(Source records)
____________________

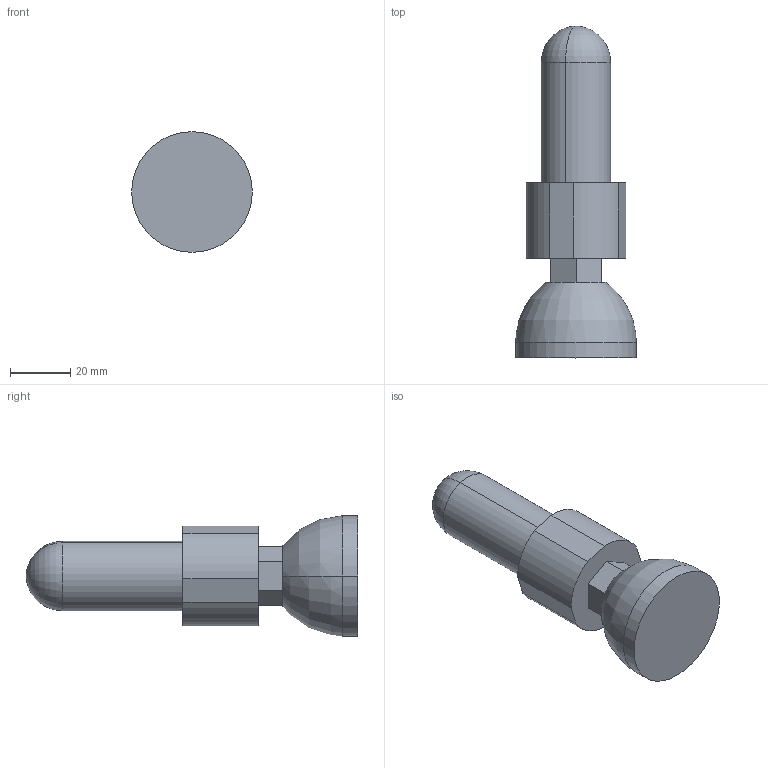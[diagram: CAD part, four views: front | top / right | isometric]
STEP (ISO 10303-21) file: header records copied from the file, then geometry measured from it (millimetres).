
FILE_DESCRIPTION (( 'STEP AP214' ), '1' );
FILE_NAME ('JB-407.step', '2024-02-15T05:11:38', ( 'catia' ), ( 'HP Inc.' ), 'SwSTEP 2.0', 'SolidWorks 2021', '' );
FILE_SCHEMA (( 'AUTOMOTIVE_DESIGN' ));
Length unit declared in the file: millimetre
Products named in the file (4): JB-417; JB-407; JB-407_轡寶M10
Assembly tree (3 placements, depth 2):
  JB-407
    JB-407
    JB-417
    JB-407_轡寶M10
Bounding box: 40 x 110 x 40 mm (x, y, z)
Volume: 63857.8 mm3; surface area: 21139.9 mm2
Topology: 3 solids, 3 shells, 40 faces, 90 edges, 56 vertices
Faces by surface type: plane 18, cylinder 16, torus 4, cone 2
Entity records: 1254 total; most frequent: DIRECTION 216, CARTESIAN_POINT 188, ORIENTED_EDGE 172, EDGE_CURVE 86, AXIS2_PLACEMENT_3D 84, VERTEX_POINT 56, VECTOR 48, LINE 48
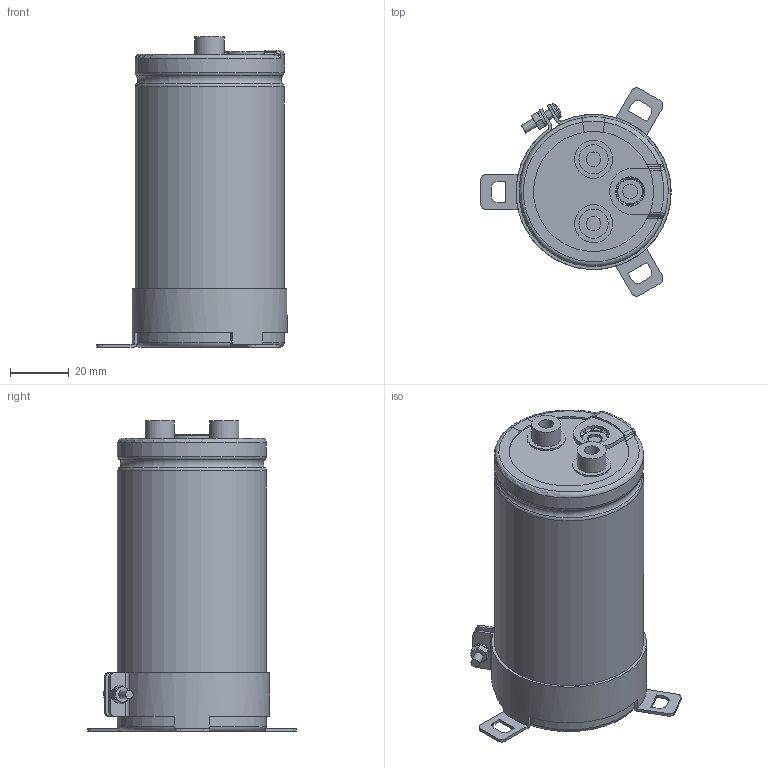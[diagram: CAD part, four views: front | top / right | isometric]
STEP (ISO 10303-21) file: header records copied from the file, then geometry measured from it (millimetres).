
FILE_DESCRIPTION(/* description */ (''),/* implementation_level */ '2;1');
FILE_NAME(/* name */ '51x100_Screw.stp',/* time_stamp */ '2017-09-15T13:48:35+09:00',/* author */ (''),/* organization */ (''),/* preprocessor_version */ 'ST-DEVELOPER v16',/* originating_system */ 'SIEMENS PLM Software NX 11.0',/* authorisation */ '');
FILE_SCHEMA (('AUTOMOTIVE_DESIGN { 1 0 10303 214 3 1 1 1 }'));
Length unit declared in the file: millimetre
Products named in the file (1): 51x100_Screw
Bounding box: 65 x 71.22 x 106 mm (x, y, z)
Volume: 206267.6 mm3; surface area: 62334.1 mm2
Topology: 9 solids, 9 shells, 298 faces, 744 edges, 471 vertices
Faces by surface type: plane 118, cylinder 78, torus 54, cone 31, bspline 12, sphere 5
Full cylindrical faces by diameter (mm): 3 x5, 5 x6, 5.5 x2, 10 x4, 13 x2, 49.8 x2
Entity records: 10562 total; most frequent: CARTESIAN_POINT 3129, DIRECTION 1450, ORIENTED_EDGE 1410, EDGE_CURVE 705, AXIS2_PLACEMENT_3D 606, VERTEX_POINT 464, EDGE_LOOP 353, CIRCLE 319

____________________

• WORK ITEM: Retype the records exactly. Any image in them should not appear in what you write.

• COMPLETED EXERCISE:
[diagram: CAD part, four views: front | top / right | isometric]
STEP (ISO 10303-21) file: header records copied from the file, then geometry measured from it (millimetres).
FILE_DESCRIPTION (( 'STEP AP214' ), '1' );
FILE_NAME ('JB-407.step', '2024-02-15T05:11:38', ( 'catia' ), ( 'HP Inc.' ), 'SwSTEP 2.0', 'SolidWorks 2021', '' );
FILE_SCHEMA (( 'AUTOMOTIVE_DESIGN' ));
Length unit declared in the file: millimetre
Products named in the file (4): JB-417; JB-407; JB-407_轡寶M10
Assembly tree (3 placements, depth 2):
  JB-407
    JB-407
    JB-417
    JB-407_轡寶M10
Bounding box: 40 x 110 x 40 mm (x, y, z)
Volume: 63857.8 mm3; surface area: 21139.9 mm2
Topology: 3 solids, 3 shells, 40 faces, 90 edges, 56 vertices
Faces by surface type: plane 18, cylinder 16, torus 4, cone 2
Entity records: 1254 total; most frequent: DIRECTION 216, CARTESIAN_POINT 188, ORIENTED_EDGE 172, EDGE_CURVE 86, AXIS2_PLACEMENT_3D 84, VERTEX_POINT 56, VECTOR 48, LINE 48
[diagram: CAD part, four views: front | top / right | isometric]
STEP (ISO 10303-21) file: header records copied from the file, then geometry measured from it (millimetres).
FILE_DESCRIPTION(/* description */ (''),/* implementation_level */ '2;1');
FILE_NAME(/* name */ '51x100_Screw.stp',/* time_stamp */ '2017-09-15T13:48:35+09:00',/* author */ (''),/* organization */ (''),/* preprocessor_version */ 'ST-DEVELOPER v16',/* originating_system */ 'SIEMENS PLM Software NX 11.0',/* authorisation */ '');
FILE_SCHEMA (('AUTOMOTIVE_DESIGN { 1 0 10303 214 3 1 1 1 }'));
Length unit declared in the file: millimetre
Products named in the file (1): 51x100_Screw
Bounding box: 65 x 71.22 x 106 mm (x, y, z)
Volume: 206267.6 mm3; surface area: 62334.1 mm2
Topology: 9 solids, 9 shells, 298 faces, 744 edges, 471 vertices
Faces by surface type: plane 118, cylinder 78, torus 54, cone 31, bspline 12, sphere 5
Full cylindrical faces by diameter (mm): 3 x5, 5 x6, 5.5 x2, 10 x4, 13 x2, 49.8 x2
Entity records: 10562 total; most frequent: CARTESIAN_POINT 3129, DIRECTION 1450, ORIENTED_EDGE 1410, EDGE_CURVE 705, AXIS2_PLACEMENT_3D 606, VERTEX_POINT 464, EDGE_LOOP 353, CIRCLE 319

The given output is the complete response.